The multi-target-directed-ligand (MTDL) strategy has been widely applied in the discovery of novel drugs for the treatment of Alzheimer’s disease (AD) because of the multifactorial pathological mechanisms of AD. Phosphodiesterase-2 (PDE2) has been identified to be a novel and promising target for AD. However, MTDL combining with the inhibitory activity against PDE2A and other anti-AD factors such as antioxidants has not been developed yet. Herein, a novel series of PDE2 inhibitors with antioxidant capacities were designed, synthesized, and evaluated. Most compounds showed remarkable inhibitory activities against PDE2A as well as antioxidant activities. Compound 6d was selected, which showed good IC₅₀ of 6.1 nM against PDE2A, good antioxidant activity (ORAC (Trolox) = 8.4 eq.) and no cytotoxicity to SH-SY5Y cells. Molecular docking and dynamics simulations were applied for the rational design and explanation of structure–activity relationship (SAR) of lead compounds.

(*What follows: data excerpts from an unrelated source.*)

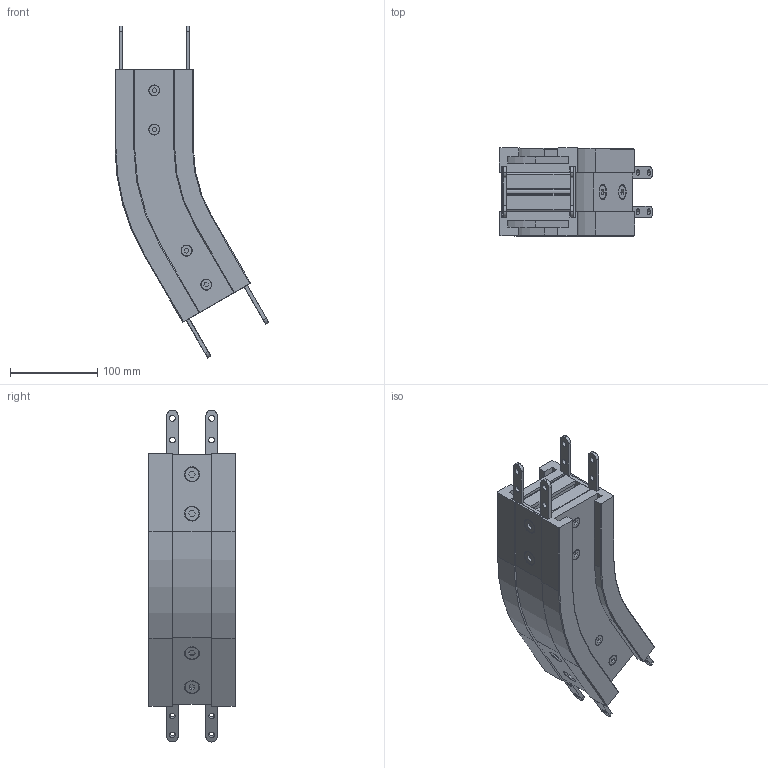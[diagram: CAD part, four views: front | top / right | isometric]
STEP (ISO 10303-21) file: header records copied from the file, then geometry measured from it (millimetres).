
FILE_DESCRIPTION (( 'STEP AP214' ), '1' );
FILE_NAME ('2000.325.430.STEP', '2021-02-11T09:37:10', ( '' ), ( '' ), 'SwSTEP 2.0', 'SolidWorks 2018', '' );
FILE_SCHEMA (( 'AUTOMOTIVE_DESIGN' ));
Length unit declared in the file: millimetre
Products named in the file (9): 2000.325.442_2000.1200.490; 2000.325.443; 2000.325.429_Default<A macchina>; 2000.325.430; 2000.001.402; 084.302.000 DADI ALUSIC 13x13-1_084.302.008; VITI TSEI UNI 5933 INOX_0820UNI5933A2; VITI TSEI UNI 5933 INOX_0620UNI5933A2; 2000.325.444
Assembly tree (34 placements, depth 2):
  2000.325.430
    2000.325.442_2000.1200.490  x2
    2000.325.429_Default<A macchina>  x2
    2000.001.402  x4
    2000.325.444
    2000.325.443
    VITI TSEI UNI 5933 INOX_0620UNI5933A2  x8
    VITI TSEI UNI 5933 INOX_0820UNI5933A2  x8
    084.302.000 DADI ALUSIC 13x13-1_084.302.008  x8
Bounding box: 176.87 x 101 x 381.49 mm (x, y, z)
Volume: 1167897.8 mm3; surface area: 485277.8 mm2
Topology: 42 solids, 42 shells, 1198 faces, 3070 edges, 1972 vertices
Faces by surface type: plane 632, cylinder 398, cone 136, torus 32
Entity records: 13652 total; most frequent: CARTESIAN_POINT 2373, DIRECTION 2321, ORIENTED_EDGE 2198, EDGE_CURVE 1099, AXIS2_PLACEMENT_3D 794, VECTOR 733, LINE 733, VERTEX_POINT 714
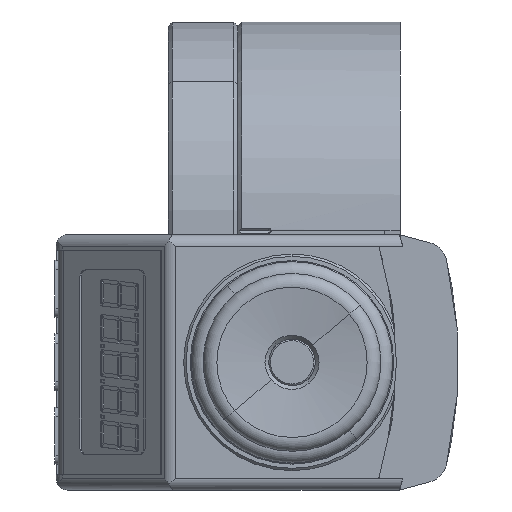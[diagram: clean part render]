
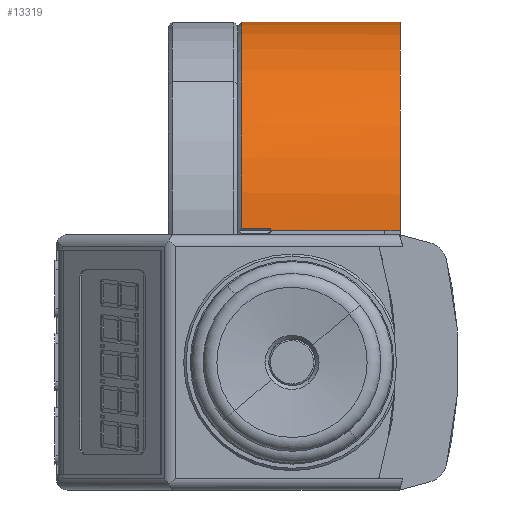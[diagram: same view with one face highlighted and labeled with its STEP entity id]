
A CAD part, left-side view. The second image highlights one B-rep face of the part: STEP entity #13319.
In plain terms, the highlighted cylindrical face has radius 27 mm (diameter 54 mm), a partial arc.
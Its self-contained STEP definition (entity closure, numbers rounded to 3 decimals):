
#822 = VECTOR ( 'NONE', #11152, 1000. ) ;
#1222 = CARTESIAN_POINT ( 'NONE',  ( -26.998, 17., 0.298 ) ) ;
#2772 = EDGE_LOOP ( 'NONE', ( #6263, #10015, #17249, #20641, #5249, #20442, #11270, #16728 ) ) ;
#2956 = DIRECTION ( 'NONE',  ( 0., -1., 0. ) ) ;
#3024 = CARTESIAN_POINT ( 'NONE',  ( 0., 0., 0. ) ) ;
#3080 = VECTOR ( 'NONE', #28015, 1000. ) ;
#3251 = VERTEX_POINT ( 'NONE', #22778 ) ;
#3439 = VECTOR ( 'NONE', #28935, 1000. ) ;
#3620 = CARTESIAN_POINT ( 'NONE',  ( -26.998, 20.5, 0.298 ) ) ;
#3736 = CARTESIAN_POINT ( 'NONE',  ( 0., 20.5, 0. ) ) ;
#4830 = AXIS2_PLACEMENT_3D ( 'NONE', #13155, #29189, #29288 ) ;
#5057 = CARTESIAN_POINT ( 'NONE',  ( 27., 0., 0. ) ) ;
#5149 = VECTOR ( 'NONE', #2956, 1000. ) ;
#5249 = ORIENTED_EDGE ( 'NONE', *, *, #10588, .T. ) ;
#5340 = DIRECTION ( 'NONE',  ( 1., 0., 0. ) ) ;
#5653 = VERTEX_POINT ( 'NONE', #7227 ) ;
#6049 = DIRECTION ( 'NONE',  ( 1., 0., 0. ) ) ;
#6263 = ORIENTED_EDGE ( 'NONE', *, *, #9242, .F. ) ;
#6785 = VERTEX_POINT ( 'NONE', #5057 ) ;
#7161 = CARTESIAN_POINT ( 'NONE',  ( -27., 16.733, 0.156 ) ) ;
#7227 = CARTESIAN_POINT ( 'NONE',  ( -27., 16.7, 0. ) ) ;
#8078 = CARTESIAN_POINT ( 'NONE',  ( -27., 21., 0. ) ) ;
#8473 = EDGE_CURVE ( 'NONE', #3251, #29905, #16383, .T. ) ;
#9242 = EDGE_CURVE ( 'NONE', #23871, #6785, #13100, .T. ) ;
#9471 = CARTESIAN_POINT ( 'NONE',  ( -27., 16.7, 0. ) ) ;
#9495 = B_SPLINE_CURVE_WITH_KNOTS ( 'NONE', 3,
 ( #18641, #16317, #20969, #7161, #23278, #9471 ),
 .UNSPECIFIED., .F., .F.,
 ( 4, 2, 4 ),
 ( 0.002, 0.002, 0.002 ),
 .UNSPECIFIED. ) ;
#9553 = CARTESIAN_POINT ( 'NONE',  ( 27., 21., 0. ) ) ;
#9564 = LINE ( 'NONE', #8078, #3439 ) ;
#10015 = ORIENTED_EDGE ( 'NONE', *, *, #24318, .F. ) ;
#10367 = VECTOR ( 'NONE', #14198, 1000. ) ;
#10577 = LINE ( 'NONE', #11393, #5149 ) ;
#10588 = EDGE_CURVE ( 'NONE', #20599, #5653, #9495, .T. ) ;
#10683 = CYLINDRICAL_SURFACE ( 'NONE', #4830, 27. ) ;
#11152 = DIRECTION ( 'NONE',  ( 0., -1., 0. ) ) ;
#11270 = ORIENTED_EDGE ( 'NONE', *, *, #25271, .T. ) ;
#11393 = CARTESIAN_POINT ( 'NONE',  ( -26.998, 21., 0.298 ) ) ;
#13100 = LINE ( 'NONE', #24957, #822 ) ;
#13155 = CARTESIAN_POINT ( 'NONE',  ( 0., 21., 0. ) ) ;
#13319 = ADVANCED_FACE ( 'NONE', ( #23655 ), #10683, .T. ) ;
#14023 = CIRCLE ( 'NONE', #24691, 27. ) ;
#14198 = DIRECTION ( 'NONE',  ( 0., -1., 0. ) ) ;
#14315 = LINE ( 'NONE', #9553, #10367 ) ;
#14610 = CARTESIAN_POINT ( 'NONE',  ( 27., 2., 0. ) ) ;
#15200 = EDGE_CURVE ( 'NONE', #29905, #20599, #10577, .T. ) ;
#16317 = CARTESIAN_POINT ( 'NONE',  ( -26.998, 16.921, 0.298 ) ) ;
#16383 = CIRCLE ( 'NONE', #28313, 27. ) ;
#16545 = CARTESIAN_POINT ( 'NONE',  ( -27., 21., 0. ) ) ;
#16728 = ORIENTED_EDGE ( 'NONE', *, *, #18892, .T. ) ;
#16860 = VERTEX_POINT ( 'NONE', #27221 ) ;
#17249 = ORIENTED_EDGE ( 'NONE', *, *, #8473, .T. ) ;
#18641 = CARTESIAN_POINT ( 'NONE',  ( -26.998, 17., 0.298 ) ) ;
#18892 = EDGE_CURVE ( 'NONE', #23060, #6785, #14023, .T. ) ;
#19181 = DIRECTION ( 'NONE',  ( 0., 1., 0. ) ) ;
#19877 = DIRECTION ( 'NONE',  ( 0., -1., 0. ) ) ;
#20442 = ORIENTED_EDGE ( 'NONE', *, *, #25051, .T. ) ;
#20511 = CARTESIAN_POINT ( 'NONE',  ( -27., 0., 0. ) ) ;
#20599 = VERTEX_POINT ( 'NONE', #1222 ) ;
#20641 = ORIENTED_EDGE ( 'NONE', *, *, #15200, .T. ) ;
#20969 = CARTESIAN_POINT ( 'NONE',  ( -26.999, 16.844, 0.267 ) ) ;
#22778 = CARTESIAN_POINT ( 'NONE',  ( 27., 20.5, 0. ) ) ;
#23060 = VERTEX_POINT ( 'NONE', #20511 ) ;
#23278 = CARTESIAN_POINT ( 'NONE',  ( -27., 16.7, 0.079 ) ) ;
#23655 = FACE_OUTER_BOUND ( 'NONE', #2772, .T. ) ;
#23871 = VERTEX_POINT ( 'NONE', #14610 ) ;
#24318 = EDGE_CURVE ( 'NONE', #3251, #23871, #14315, .T. ) ;
#24691 = AXIS2_PLACEMENT_3D ( 'NONE', #3024, #19181, #5340 ) ;
#24957 = CARTESIAN_POINT ( 'NONE',  ( 27., 21., 0. ) ) ;
#25051 = EDGE_CURVE ( 'NONE', #5653, #16860, #27596, .T. ) ;
#25271 = EDGE_CURVE ( 'NONE', #16860, #23060, #9564, .T. ) ;
#27221 = CARTESIAN_POINT ( 'NONE',  ( -27., 2., 0. ) ) ;
#27596 = LINE ( 'NONE', #16545, #3080 ) ;
#28015 = DIRECTION ( 'NONE',  ( 0., -1., 0. ) ) ;
#28313 = AXIS2_PLACEMENT_3D ( 'NONE', #3736, #19877, #6049 ) ;
#28935 = DIRECTION ( 'NONE',  ( 0., -1., 0. ) ) ;
#29189 = DIRECTION ( 'NONE',  ( 0., -1., 0. ) ) ;
#29288 = DIRECTION ( 'NONE',  ( -1., 0., 0. ) ) ;
#29905 = VERTEX_POINT ( 'NONE', #3620 ) ;
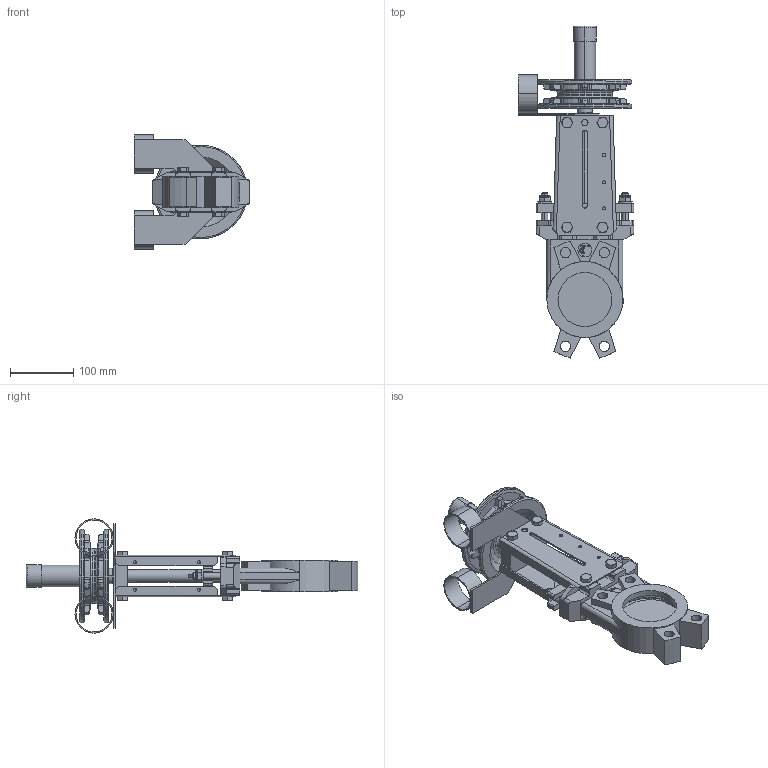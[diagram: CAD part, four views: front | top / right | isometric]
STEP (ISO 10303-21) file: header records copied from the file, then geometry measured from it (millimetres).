
FILE_DESCRIPTION (( 'STEP AP203' ), '1' );
FILE_NAME ('VG C DN80.STEP', '2010-01-25T08:18:54', ( 'farex' ), ( '' ), 'SwSTEP 2.0', 'SolidWorks 2009', '' );
FILE_SCHEMA (( 'CONFIG_CONTROL_DESIGN' ));
Length unit declared in the file: millimetre
Products named in the file (1): VG C DN80
Bounding box: 182 x 523.67 x 180.3 mm (x, y, z)
Volume: 1559944.2 mm3; surface area: 408637 mm2
Topology: 6 solids, 6 shells, 881 faces, 2366 edges, 1545 vertices
Faces by surface type: plane 384, cylinder 241, cone 160, bspline 78, torus 18
Entity records: 32800 total; most frequent: CARTESIAN_POINT 11174, ORIENTED_EDGE 4732, DIRECTION 4217, EDGE_CURVE 2366, AXIS2_PLACEMENT_3D 1558, VERTEX_POINT 1545, VECTOR 1101, LINE 1101

由于AD的多因素病理机制，多靶点定向配体（MTDL）策略已广泛应用于发现治疗阿尔茨海默病（AD）的新药。磷酸二酯酶-2 (PDE2) 已被确定为 AD 的新靶点。然而，尚未开发出结合对 PDE2A 和其他抗 AD 因子（如抗氧化剂）的抑制活性的 MTDL。在此，设计、合成和评估了一系列具有抗氧化能力的新型 PDE2 抑制剂。大多数化合物对 PDE2A 显示出显着的抑制活性以及抗氧化活性。选择化合物6d，IC ₅₀良好对 PDE2A 为 6.1 nM，具有良好的抗氧化活性（ORAC (Trolox) = 8.4 eq.）并且对 SH-SY5Y 细胞没有细胞毒性。分子对接和动力学模拟被应用于先导化合物构效关系（SAR）的合理设计和解释。